I have downloaded some Rdata
files using getMasterIndex
function from edgar
Now I am trying to load all of these files into RStudio using the following code -
paths <- list.files('Master Indexes', pattern = '[.]Rda$', full.names = TRUE)
files <- map (paths, load)
The output of the files
dataset is, but there should be data in it.
[1] "year.master"
[1] "year.master"
[1] "year.master"
The output of the code list_rbind(files)
is -
Error in `list_rbind()`:
! Each element of `x` must be either a data frame or `NULL`.
ℹ Elements 1, 2, and 3 are not.
Run `rlang::last_trace()` to see where the error occurred.
However, the last Rda
file is loaded in RStudio
with the name being year.master
I have also used the for loop
function, but the results remain the same.
I tried to take help from this page, but it does not work - Using purrr to load multiple rda files
My goal is to put all of the Rda files into a list and then convert it into a dataframe.
Use this:
map(paths, ~ {load(.x); year.master})
# or map_dfr, if you want a dataframe as an output instead of a list
Okay so first of all: clear your environment (or save your environment, and start a fresh one).

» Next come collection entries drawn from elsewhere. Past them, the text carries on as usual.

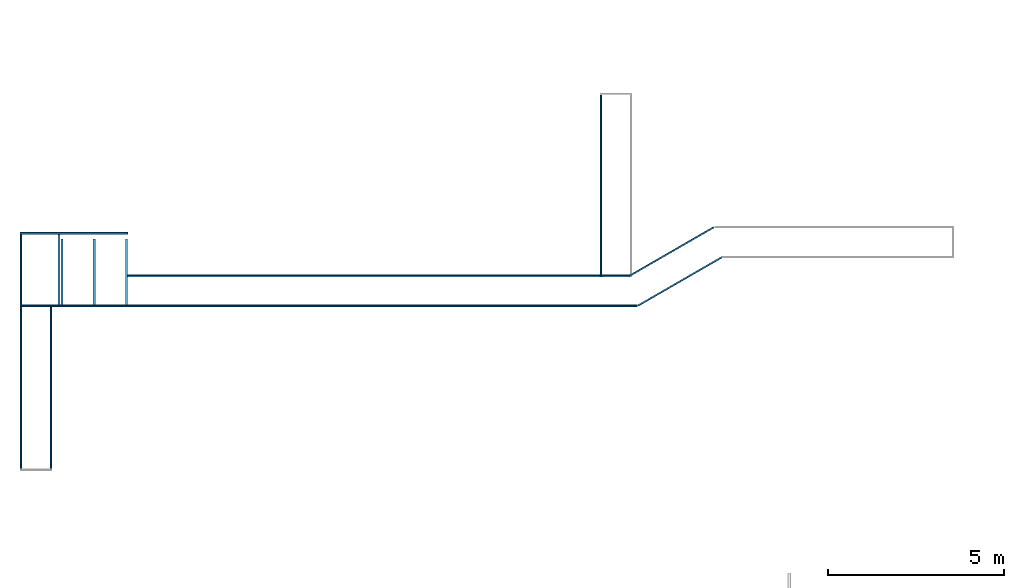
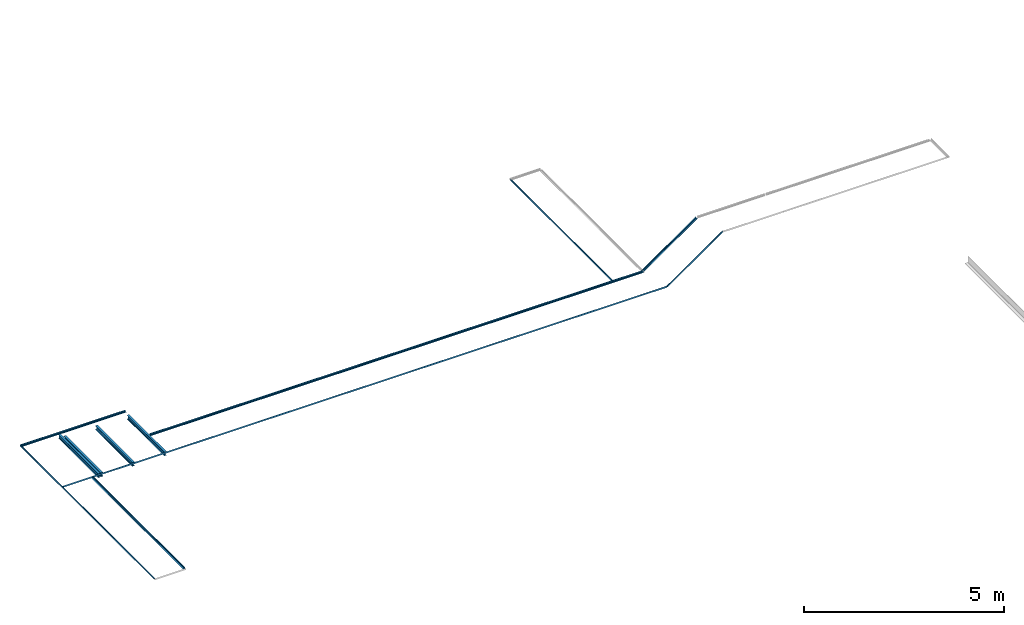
# One storey, part 2 of 3: 12 beams, 1 element without a shape of its own.
"""IFC4X3_ADD2 building model written with IfcOpenShell, lengths in millimetres."""

from ifc_helpers import new_model, si_unit, point, direction, frame, frame_2d, origin_with_axes, place, context, subcontext, project, spatial, polyline, circle_curve, trimmed, segment, composite_curve, i_section, l_section, outline, extrude, boolean, material, type_object, element, aggregate, save


model = new_model("IFC4X3_ADD2")

# Units and contexts
model_context = context("Model", 3, precision=1e-05, world=origin_with_axes(), true_north=direction((0.0, 1.0)))
body_context = subcontext(model_context, "Body", "Model", "MODEL_VIEW")
ifc_project = project(units=[si_unit("LENGTHUNIT", "METRE", prefix="MILLI"), si_unit("AREAUNIT", "SQUARE_METRE"), si_unit("VOLUMEUNIT", "CUBIC_METRE"), si_unit("PLANEANGLEUNIT", "RADIAN"), si_unit("TIMEUNIT", "SECOND"), si_unit("MASSUNIT", "GRAM")], contexts=[model_context])

# Site, building, storey
site_placement = place(None, origin_with_axes())
site = spatial("IfcSite", under=ifc_project, at=site_placement, Name="Site", CompositionType="ELEMENT")
building_placement = place(site_placement, origin_with_axes())
building = spatial("IfcBuilding", under=site, at=building_placement, Name="IFC Building Story")
storey_placement = place(building_placement, frame((0.0, 0.0, -3000.0), z_axis=(0.0, 0.0, 1.0), x_axis=(1.0, 0.0, 0.0)))
storey = spatial("IfcBuildingStorey", under=building, at=storey_placement, Name="ETAGE -1", Elevation=-3000.0)

# Assembly, beams
assembly_placement = place(storey_placement, frame((0.0, 0.0, 3000.0), z_axis=(0.0, 0.0, 1.0), x_axis=(1.0, 0.0, 0.0)))
assembly = element("IfcElementAssembly", 1, at=assembly_placement, inside=storey, Name="Assemblage Ossature:non repris au plan structure métallique", ObjectType="Assemblage Ossature:non repris au plan structure métallique", AssemblyPlace="NOTDEFINED", PredefinedType="USERDEFINED")
ifc_material = material(Name="BS_28_Métal")
beam_type = type_object("IfcBeamType", Name="L50x5", PredefinedType="NOTDEFINED")
beam_1_placement = place(assembly_placement, frame((11376.6894781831, 9350.0, -25.0), z_axis=(0.0, -1.0, 0.0), x_axis=(0.0, 0.0, 1.0)))
beam_1 = element("IfcBeam", 2, at=beam_1_placement, type_object=beam_type, material=ifc_material, Name="BS_28_SF_LE_Cornière à ailes égales:L50x5", ObjectType="L50x5", context=body_context, shape_type="CSG", body=[
    boolean("UNION", boolean("DIFFERENCE", extrude(l_section(Depth=49.99999999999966, Width=50.00000000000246, Thickness=4.999999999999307, FilletRadius=7.0, EdgeRadius=3.49999999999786, LegSlope=0.0, at=frame_2d((0.0, 5.95523630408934e-12), x_axis=(1.0, 0.0))), origin_with_axes(), (0.0, 0.0, 1.0), 6650.0), extrude(outline(composite_curve([segment(trimmed(circle_curve(frame_2d((-22.78571428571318, -0.357142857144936), x_axis=(1.0, 0.0)), 3.499999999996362), [point((-22.78571428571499, -3.857142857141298))], [point((-19.28571428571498, -0.357142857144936))], True, "CARTESIAN"), True, "CONTINUOUS"), segment(polyline([(-19.28571428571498, -0.357142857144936), (-19.28571428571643, 8.142857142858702)]), True, "CONTINUOUS"), segment(trimmed(circle_curve(frame_2d((-12.28571428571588, 8.142857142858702), x_axis=(1.0, 0.0)), 7.0), [point((-19.28571428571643, 8.142857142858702))], [point((-12.28571428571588, 1.142857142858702))], True, "CARTESIAN"), True, "CONTINUOUS"), segment(polyline([(-12.28571428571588, 1.142857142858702), (22.21428571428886, 1.142857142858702)]), True, "CONTINUOUS"), segment(trimmed(circle_curve(frame_2d((22.21428571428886, -2.357142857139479), x_axis=(1.0, 0.0)), 3.499999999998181), [point((22.21428571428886, 1.142857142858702))], [point((25.71428571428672, -2.357142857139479))], False, "CARTESIAN"), True, "CONTINUOUS"), segment(polyline([(25.71428571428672, -2.357142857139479), (25.71428571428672, -3.857142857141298)]), True, "CONTINUOUS"), segment(polyline([(25.71428571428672, -3.857142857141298), (-22.78571428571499, -3.857142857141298)]), True, "CONTINUOUS")], self_intersect=False)), frame((-0.7142857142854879, -21.1428571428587, 0.0), z_axis=(0.0, 0.0, 1.0), x_axis=(1.0, 0.0, 0.0)), (0.0, 0.0, 1.0), 6650.0)), extrude(outline(composite_curve([segment(polyline([(-19.28571428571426, -8.142857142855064), (-19.28571428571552, 0.357142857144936)]), True, "CONTINUOUS"), segment(trimmed(circle_curve(frame_2d((-22.78571428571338, 0.357142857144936), x_axis=(1.0, 0.0)), 3.499999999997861), [point((-19.28571428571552, 0.357142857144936))], [point((-22.78571428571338, 3.857142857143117))], True, "CARTESIAN"), True, "CONTINUOUS"), segment(polyline([(-22.78571428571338, 3.857142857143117), (25.71428571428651, 3.857142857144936)]), True, "CONTINUOUS"), segment(polyline([(25.71428571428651, 3.857142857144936), (25.7142857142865, 2.357142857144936)]), True, "CONTINUOUS"), segment(trimmed(circle_curve(frame_2d((22.2142857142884, 2.357142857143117), x_axis=(1.0, 0.0)), 3.499999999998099), [point((25.7142857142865, 2.357142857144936))], [point((22.21428571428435, -1.142857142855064))], False, "CARTESIAN"), True, "CONTINUOUS"), segment(polyline([(22.21428571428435, -1.142857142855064), (-12.2857142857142, -1.142857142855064)]), True, "CONTINUOUS"), segment(trimmed(circle_curve(frame_2d((-12.28571428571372, -8.142857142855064), x_axis=(1.0, 0.0)), 7.0), [point((-12.2857142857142, -1.142857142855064))], [point((-19.28571428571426, -8.142857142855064))], True, "CARTESIAN"), True, "CONTINUOUS")], self_intersect=False)), frame((-0.7142857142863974, 21.14285714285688, 0.0), z_axis=(0.0, 0.0, 1.0), x_axis=(1.0, 0.0, 0.0)), (0.0, 0.0, 1.0), 6650.0)),
])
beam_2_placement = place(assembly_placement, frame((11351.6894781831, 9375.00000000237, -25.00000000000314), z_axis=(1.0, 0.0, 0.0), x_axis=(0.0, -1.0, 0.0)))
beam_2 = element("IfcBeam", 3, at=beam_2_placement, type_object=beam_type, material=ifc_material, Name="BS_28_SF_LE_Cornière à ailes égales:L50x5", ObjectType="L50x5", context=body_context, shape_type="CSG", body=[
    boolean("UNION", boolean("DIFFERENCE", extrude(l_section(Depth=49.99999999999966, Width=50.00000000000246, Thickness=4.999999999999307, FilletRadius=7.0, EdgeRadius=3.49999999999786, LegSlope=0.0, at=frame_2d((0.0, 5.95523630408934e-12), x_axis=(1.0, 0.0))), origin_with_axes(), (0.0, 0.0, 1.0), 3050.0), extrude(outline(composite_curve([segment(polyline([(-19.28571428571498, -0.357142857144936), (-19.28571428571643, 8.142857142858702)]), True, "CONTINUOUS"), segment(trimmed(circle_curve(frame_2d((-12.28571428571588, 8.142857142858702), x_axis=(1.0, 0.0)), 7.0), [point((-19.28571428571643, 8.142857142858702))], [point((-12.28571428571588, 1.142857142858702))], True, "CARTESIAN"), True, "CONTINUOUS"), segment(polyline([(-12.28571428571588, 1.142857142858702), (22.21428571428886, 1.142857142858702)]), True, "CONTINUOUS"), segment(trimmed(circle_curve(frame_2d((22.21428571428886, -2.357142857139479), x_axis=(1.0, 0.0)), 3.499999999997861), [point((22.21428571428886, 1.142857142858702))], [point((25.71428571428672, -2.357142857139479))], False, "CARTESIAN"), True, "CONTINUOUS"), segment(polyline([(25.71428571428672, -2.357142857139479), (25.71428571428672, -3.857142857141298)]), True, "CONTINUOUS"), segment(polyline([(25.71428571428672, -3.857142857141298), (-22.78571428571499, -3.857142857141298)]), True, "CONTINUOUS"), segment(trimmed(circle_curve(frame_2d((-22.78571428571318, -0.357142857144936), x_axis=(1.0, 0.0)), 3.50000000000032), [point((-22.78571428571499, -3.857142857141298))], [point((-19.28571428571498, -0.357142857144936))], True, "CARTESIAN"), True, "CONTINUOUS")], self_intersect=False)), frame((-0.7142857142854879, -21.1428571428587, 0.0), z_axis=(0.0, 0.0, 1.0), x_axis=(1.0, 0.0, 0.0)), (0.0, 0.0, 1.0), 3050.000000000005)), extrude(outline(composite_curve([segment(polyline([(-19.28571428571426, -8.142857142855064), (-19.28571428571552, 0.357142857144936)]), True, "CONTINUOUS"), segment(trimmed(circle_curve(frame_2d((-22.78571428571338, 0.357142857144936), x_axis=(1.0, 0.0)), 3.499999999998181), [point((-19.28571428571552, 0.357142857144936))], [point((-22.78571428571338, 3.857142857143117))], True, "CARTESIAN"), True, "CONTINUOUS"), segment(polyline([(-22.78571428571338, 3.857142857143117), (25.71428571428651, 3.857142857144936)]), True, "CONTINUOUS"), segment(polyline([(25.71428571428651, 3.857142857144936), (25.7142857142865, 2.357142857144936)]), True, "CONTINUOUS"), segment(trimmed(circle_curve(frame_2d((22.2142857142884, 2.357142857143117), x_axis=(1.0, 0.0)), 3.499999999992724), [point((25.7142857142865, 2.357142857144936))], [point((22.21428571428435, -1.142857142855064))], False, "CARTESIAN"), True, "CONTINUOUS"), segment(polyline([(22.21428571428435, -1.142857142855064), (-12.2857142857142, -1.142857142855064)]), True, "CONTINUOUS"), segment(trimmed(circle_curve(frame_2d((-12.28571428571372, -8.142857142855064), x_axis=(1.0, 0.0)), 6.999999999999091), [point((-12.2857142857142, -1.142857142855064))], [point((-19.28571428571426, -8.142857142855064))], True, "CARTESIAN"), True, "CONTINUOUS")], self_intersect=False)), frame((-0.7142857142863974, 21.14285714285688, 0.0), z_axis=(0.0, 0.0, 1.0), x_axis=(1.0, 0.0, 0.0)), (0.0, 0.0, 1.0), 3050.000000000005)),
])
beam_3_placement = place(assembly_placement, frame((14401.71512251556, 8175.000000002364, -25.00000000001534), z_axis=(1.0, 0.0, 0.0), x_axis=(0.0, -1.0, 0.0)))
beam_3 = element("IfcBeam", 4, at=beam_3_placement, type_object=beam_type, material=ifc_material, Name="BS_28_SF_LE_Cornière à ailes égales:L50x5", ObjectType="L50x5", context=body_context, shape_type="CSG", body=[
    boolean("UNION", boolean("DIFFERENCE", extrude(l_section(Depth=49.99999999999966, Width=50.00000000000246, Thickness=4.999999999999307, FilletRadius=7.0, EdgeRadius=3.49999999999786, LegSlope=0.0, at=frame_2d((0.0, 5.95523630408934e-12), x_axis=(1.0, 0.0))), origin_with_axes(), (0.0, 0.0, 1.0), 14238.7), extrude(outline(composite_curve([segment(polyline([(-19.28571428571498, -0.357142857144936), (-19.28571428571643, 8.142857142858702)]), True, "CONTINUOUS"), segment(trimmed(circle_curve(frame_2d((-12.28571428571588, 8.142857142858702), x_axis=(1.0, 0.0)), 7.0), [point((-19.28571428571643, 8.142857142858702))], [point((-12.28571428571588, 1.142857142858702))], True, "CARTESIAN"), True, "CONTINUOUS"), segment(polyline([(-12.28571428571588, 1.142857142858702), (22.21428571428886, 1.142857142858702)]), True, "CONTINUOUS"), segment(trimmed(circle_curve(frame_2d((22.21428571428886, -2.357142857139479), x_axis=(1.0, 0.0)), 3.499999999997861), [point((22.21428571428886, 1.142857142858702))], [point((25.71428571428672, -2.357142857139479))], False, "CARTESIAN"), True, "CONTINUOUS"), segment(polyline([(25.71428571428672, -2.357142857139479), (25.71428571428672, -3.857142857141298)]), True, "CONTINUOUS"), segment(polyline([(25.71428571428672, -3.857142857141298), (-22.78571428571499, -3.857142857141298)]), True, "CONTINUOUS"), segment(trimmed(circle_curve(frame_2d((-22.78571428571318, -0.357142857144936), x_axis=(1.0, 0.0)), 3.500000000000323), [point((-22.78571428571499, -3.857142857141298))], [point((-19.28571428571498, -0.357142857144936))], True, "CARTESIAN"), True, "CONTINUOUS")], self_intersect=False)), frame((-0.7142857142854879, -21.1428571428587, 0.0), z_axis=(0.0, 0.0, 1.0), x_axis=(1.0, 0.0, 0.0)), (0.0, 0.0, 1.0), 14238.69999999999)), extrude(outline(composite_curve([segment(polyline([(-19.28571428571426, -8.142857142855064), (-19.28571428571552, 0.357142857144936)]), True, "CONTINUOUS"), segment(trimmed(circle_curve(frame_2d((-22.78571428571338, 0.357142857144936), x_axis=(1.0, 0.0)), 3.499999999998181), [point((-19.28571428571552, 0.357142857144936))], [point((-22.78571428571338, 3.857142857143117))], True, "CARTESIAN"), True, "CONTINUOUS"), segment(polyline([(-22.78571428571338, 3.857142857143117), (25.71428571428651, 3.857142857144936)]), True, "CONTINUOUS"), segment(polyline([(25.71428571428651, 3.857142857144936), (25.7142857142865, 2.357142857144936)]), True, "CONTINUOUS"), segment(trimmed(circle_curve(frame_2d((22.2142857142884, 2.357142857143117), x_axis=(1.0, 0.0)), 3.499999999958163), [point((25.7142857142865, 2.357142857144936))], [point((22.21428571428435, -1.142857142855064))], False, "CARTESIAN"), True, "CONTINUOUS"), segment(polyline([(22.21428571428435, -1.142857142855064), (-12.2857142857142, -1.142857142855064)]), True, "CONTINUOUS"), segment(trimmed(circle_curve(frame_2d((-12.28571428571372, -8.142857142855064), x_axis=(1.0, 0.0)), 6.999999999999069), [point((-12.2857142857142, -1.142857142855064))], [point((-19.28571428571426, -8.142857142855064))], True, "CARTESIAN"), True, "CONTINUOUS")], self_intersect=False)), frame((-0.7142857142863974, 21.14285714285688, 0.0), z_axis=(0.0, 0.0, 1.0), x_axis=(1.0, 0.0, 0.0)), (0.0, 0.0, 1.0), 14238.69999999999)),
])
beam_4_placement = place(assembly_placement, frame((27811.6894781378, 13300.0, -25.0), z_axis=(0.0, -1.0, 0.0), x_axis=(0.0, 0.0, 1.0)))
beam_4 = element("IfcBeam", 5, at=beam_4_placement, type_object=beam_type, material=ifc_material, Name="BS_28_SF_LE_Cornière à ailes égales:L50x5", ObjectType="L50x5", context=body_context, shape_type="CSG", body=[
    boolean("UNION", boolean("DIFFERENCE", extrude(l_section(Depth=49.99999999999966, Width=50.00000000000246, Thickness=4.999999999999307, FilletRadius=7.0, EdgeRadius=3.49999999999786, LegSlope=0.0, at=frame_2d((0.0, 5.95523630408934e-12), x_axis=(1.0, 0.0))), origin_with_axes(), (0.0, 0.0, 1.0), 5150.0), extrude(outline(composite_curve([segment(trimmed(circle_curve(frame_2d((-22.78571428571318, -0.357142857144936), x_axis=(1.0, 0.0)), 3.5), [point((-22.78571428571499, -3.857142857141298))], [point((-19.28571428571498, -0.357142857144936))], True, "CARTESIAN"), True, "CONTINUOUS"), segment(polyline([(-19.28571428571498, -0.357142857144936), (-19.28571428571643, 8.142857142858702)]), True, "CONTINUOUS"), segment(trimmed(circle_curve(frame_2d((-12.28571428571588, 8.142857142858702), x_axis=(1.0, 0.0)), 7.0), [point((-19.28571428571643, 8.142857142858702))], [point((-12.28571428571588, 1.142857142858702))], True, "CARTESIAN"), True, "CONTINUOUS"), segment(polyline([(-12.28571428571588, 1.142857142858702), (22.21428571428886, 1.142857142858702)]), True, "CONTINUOUS"), segment(trimmed(circle_curve(frame_2d((22.21428571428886, -2.357142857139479), x_axis=(1.0, 0.0)), 3.5), [point((22.21428571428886, 1.142857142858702))], [point((25.71428571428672, -2.357142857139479))], False, "CARTESIAN"), True, "CONTINUOUS"), segment(polyline([(25.71428571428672, -2.357142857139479), (25.71428571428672, -3.857142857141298)]), True, "CONTINUOUS"), segment(polyline([(25.71428571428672, -3.857142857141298), (-22.78571428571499, -3.857142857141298)]), True, "CONTINUOUS")], self_intersect=False)), frame((-0.7142857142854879, -21.1428571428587, 0.0), z_axis=(0.0, 0.0, 1.0), x_axis=(1.0, 0.0, 0.0)), (0.0, 0.0, 1.0), 5150.0)), extrude(outline(composite_curve([segment(polyline([(-19.28571428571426, -8.142857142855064), (-19.28571428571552, 0.357142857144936)]), True, "CONTINUOUS"), segment(trimmed(circle_curve(frame_2d((-22.78571428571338, 0.357142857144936), x_axis=(1.0, 0.0)), 3.499999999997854), [point((-19.28571428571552, 0.357142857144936))], [point((-22.78571428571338, 3.857142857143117))], True, "CARTESIAN"), True, "CONTINUOUS"), segment(polyline([(-22.78571428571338, 3.857142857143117), (25.71428571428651, 3.857142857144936)]), True, "CONTINUOUS"), segment(polyline([(25.71428571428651, 3.857142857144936), (25.7142857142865, 2.357142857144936)]), True, "CONTINUOUS"), segment(trimmed(circle_curve(frame_2d((22.2142857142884, 2.357142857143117), x_axis=(1.0, 0.0)), 3.500000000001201), [point((25.7142857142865, 2.357142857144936))], [point((22.21428571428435, -1.142857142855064))], False, "CARTESIAN"), True, "CONTINUOUS"), segment(polyline([(22.21428571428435, -1.142857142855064), (-12.2857142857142, -1.142857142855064)]), True, "CONTINUOUS"), segment(trimmed(circle_curve(frame_2d((-12.28571428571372, -8.142857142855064), x_axis=(1.0, 0.0)), 7.0), [point((-12.2857142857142, -1.142857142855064))], [point((-19.28571428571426, -8.142857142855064))], True, "CARTESIAN"), True, "CONTINUOUS")], self_intersect=False)), frame((-0.7142857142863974, 21.14285714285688, 0.0), z_axis=(0.0, 0.0, 1.0), x_axis=(1.0, 0.0, 0.0)), (0.0, 0.0, 1.0), 5150.0)),
])
beam_5_placement = place(assembly_placement, frame((31011.17088129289, 9549.774990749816, -25.0), z_axis=(-0.8660254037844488, -0.4999999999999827, 0.0), x_axis=(0.0, 0.0, 1.0)))
beam_5 = element("IfcBeam", 6, at=beam_5_placement, type_object=beam_type, material=ifc_material, Name="BS_28_SF_LE_Cornière à ailes égales:L50x5", ObjectType="L50x5", context=body_context, shape_type="CSG", body=[
    boolean("UNION", boolean("DIFFERENCE", extrude(l_section(Depth=49.99999999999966, Width=50.00000000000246, Thickness=4.999999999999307, FilletRadius=7.0, EdgeRadius=3.49999999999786, LegSlope=0.0, at=frame_2d((0.0, 5.95523630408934e-12), x_axis=(1.0, 0.0))), origin_with_axes(), (0.0, 0.0, 1.0), 2760.000000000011), extrude(outline(composite_curve([segment(trimmed(circle_curve(frame_2d((-22.78571428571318, -0.357142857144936), x_axis=(1.0, 0.0)), 3.499999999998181), [point((-22.78571428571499, -3.857142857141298))], [point((-19.28571428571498, -0.357142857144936))], True, "CARTESIAN"), True, "CONTINUOUS"), segment(polyline([(-19.28571428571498, -0.357142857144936), (-19.28571428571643, 8.142857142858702)]), True, "CONTINUOUS"), segment(trimmed(circle_curve(frame_2d((-12.28571428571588, 8.142857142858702), x_axis=(1.0, 0.0)), 7.0), [point((-19.28571428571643, 8.142857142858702))], [point((-12.28571428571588, 1.142857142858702))], True, "CARTESIAN"), True, "CONTINUOUS"), segment(polyline([(-12.28571428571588, 1.142857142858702), (22.21428571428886, 1.142857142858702)]), True, "CONTINUOUS"), segment(trimmed(circle_curve(frame_2d((22.21428571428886, -2.357142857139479), x_axis=(1.0, 0.0)), 3.499999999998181), [point((22.21428571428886, 1.142857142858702))], [point((25.71428571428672, -2.357142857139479))], False, "CARTESIAN"), True, "CONTINUOUS"), segment(polyline([(25.71428571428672, -2.357142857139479), (25.71428571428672, -3.857142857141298)]), True, "CONTINUOUS"), segment(polyline([(25.71428571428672, -3.857142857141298), (-22.78571428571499, -3.857142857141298)]), True, "CONTINUOUS")], self_intersect=False)), frame((-0.7142857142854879, -21.1428571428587, 0.0), z_axis=(0.0, 0.0, 1.0), x_axis=(1.0, 0.0, 0.0)), (0.0, 0.0, 1.0), 2760.000000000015)), extrude(outline(composite_curve([segment(polyline([(-19.28571428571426, -8.142857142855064), (-19.28571428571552, 0.357142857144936)]), True, "CONTINUOUS"), segment(trimmed(circle_curve(frame_2d((-22.78571428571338, 0.357142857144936), x_axis=(1.0, 0.0)), 3.499999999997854), [point((-19.28571428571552, 0.357142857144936))], [point((-22.78571428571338, 3.857142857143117))], True, "CARTESIAN"), True, "CONTINUOUS"), segment(polyline([(-22.78571428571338, 3.857142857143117), (25.71428571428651, 3.857142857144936)]), True, "CONTINUOUS"), segment(polyline([(25.71428571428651, 3.857142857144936), (25.7142857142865, 2.357142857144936)]), True, "CONTINUOUS"), segment(trimmed(circle_curve(frame_2d((22.2142857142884, 2.357142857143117), x_axis=(1.0, 0.0)), 3.499999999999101), [point((25.7142857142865, 2.357142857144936))], [point((22.21428571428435, -1.142857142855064))], False, "CARTESIAN"), True, "CONTINUOUS"), segment(polyline([(22.21428571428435, -1.142857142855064), (-12.2857142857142, -1.142857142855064)]), True, "CONTINUOUS"), segment(trimmed(circle_curve(frame_2d((-12.28571428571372, -8.142857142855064), x_axis=(1.0, 0.0)), 6.999999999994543), [point((-12.2857142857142, -1.142857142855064))], [point((-19.28571428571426, -8.142857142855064))], True, "CARTESIAN"), True, "CONTINUOUS")], self_intersect=False)), frame((-0.7142857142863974, 21.14285714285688, 0.0), z_axis=(0.0, 0.0, 1.0), x_axis=(1.0, 0.0, 0.0)), (0.0, 0.0, 1.0), 2760.000000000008)),
])
beam_6_placement = place(assembly_placement, frame((31253.40371225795, 8708.13272330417, -25.0), z_axis=(-0.8660254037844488, -0.4999999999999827, 0.0), x_axis=(-0.4999999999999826, 0.8660254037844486, 0.0)))
beam_6 = element("IfcBeam", 7, at=beam_6_placement, type_object=beam_type, material=ifc_material, Name="BS_28_SF_LE_Cornière à ailes égales:L50x5", ObjectType="L50x5", context=body_context, shape_type="CSG", body=[
    boolean("UNION", boolean("DIFFERENCE", extrude(l_section(Depth=49.99999999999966, Width=50.00000000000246, Thickness=4.999999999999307, FilletRadius=7.0, EdgeRadius=3.49999999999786, LegSlope=0.0, at=frame_2d((0.0, 5.95523630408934e-12), x_axis=(1.0, 0.0))), origin_with_axes(), (0.0, 0.0, 1.0), 2760.700000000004), extrude(outline(composite_curve([segment(polyline([(-19.28571428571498, -0.357142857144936), (-19.28571428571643, 8.142857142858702)]), True, "CONTINUOUS"), segment(trimmed(circle_curve(frame_2d((-12.28571428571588, 8.142857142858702), x_axis=(1.0, 0.0)), 7.000000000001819), [point((-19.28571428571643, 8.142857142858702))], [point((-12.28571428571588, 1.142857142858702))], True, "CARTESIAN"), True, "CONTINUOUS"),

If you're anything like me, then you have a lot of things in there that it makes it hard to see what is loaded.
Then run this code:
pacman::p_load(edgar, tidyverse)
useragent <- "Your Name Contact@domain.com"
getMasterIndex(2006, useragent)
getMasterIndex(2022, useragent)
paths <- dir("Master Indexes/", full.names = TRUE) |> grep(pattern = "\\.Rda", value = TRUE)
example <- load(paths[1])
files <- map(paths, ~ load(.x, .GlobalEnv))
Afterwards, you'll see a few things in your environment:
So you can see, even though (it seems) you were trying to load the files as
the object files
, they aren't actually saved there, they're saved under another name, "year.master", and the function returns that name. It appears that the R objects are loaded with their (presumably original) name.
From the documentation:
replaces all existing objects with the same names in the current environment (typically your workspace, .GlobalEnv) and hence potentially overwrites important data. It is considerably safer to useenvir =
to load into a different environment, or toattach(file)
which load()s into a new entry in the search path.
In other words, because they all have the same name, running map(paths, ~ load(.x, .GlobalEnv))
will load all of them, but you'll only get the last one, because every one after the first will overwrite the one that came before it.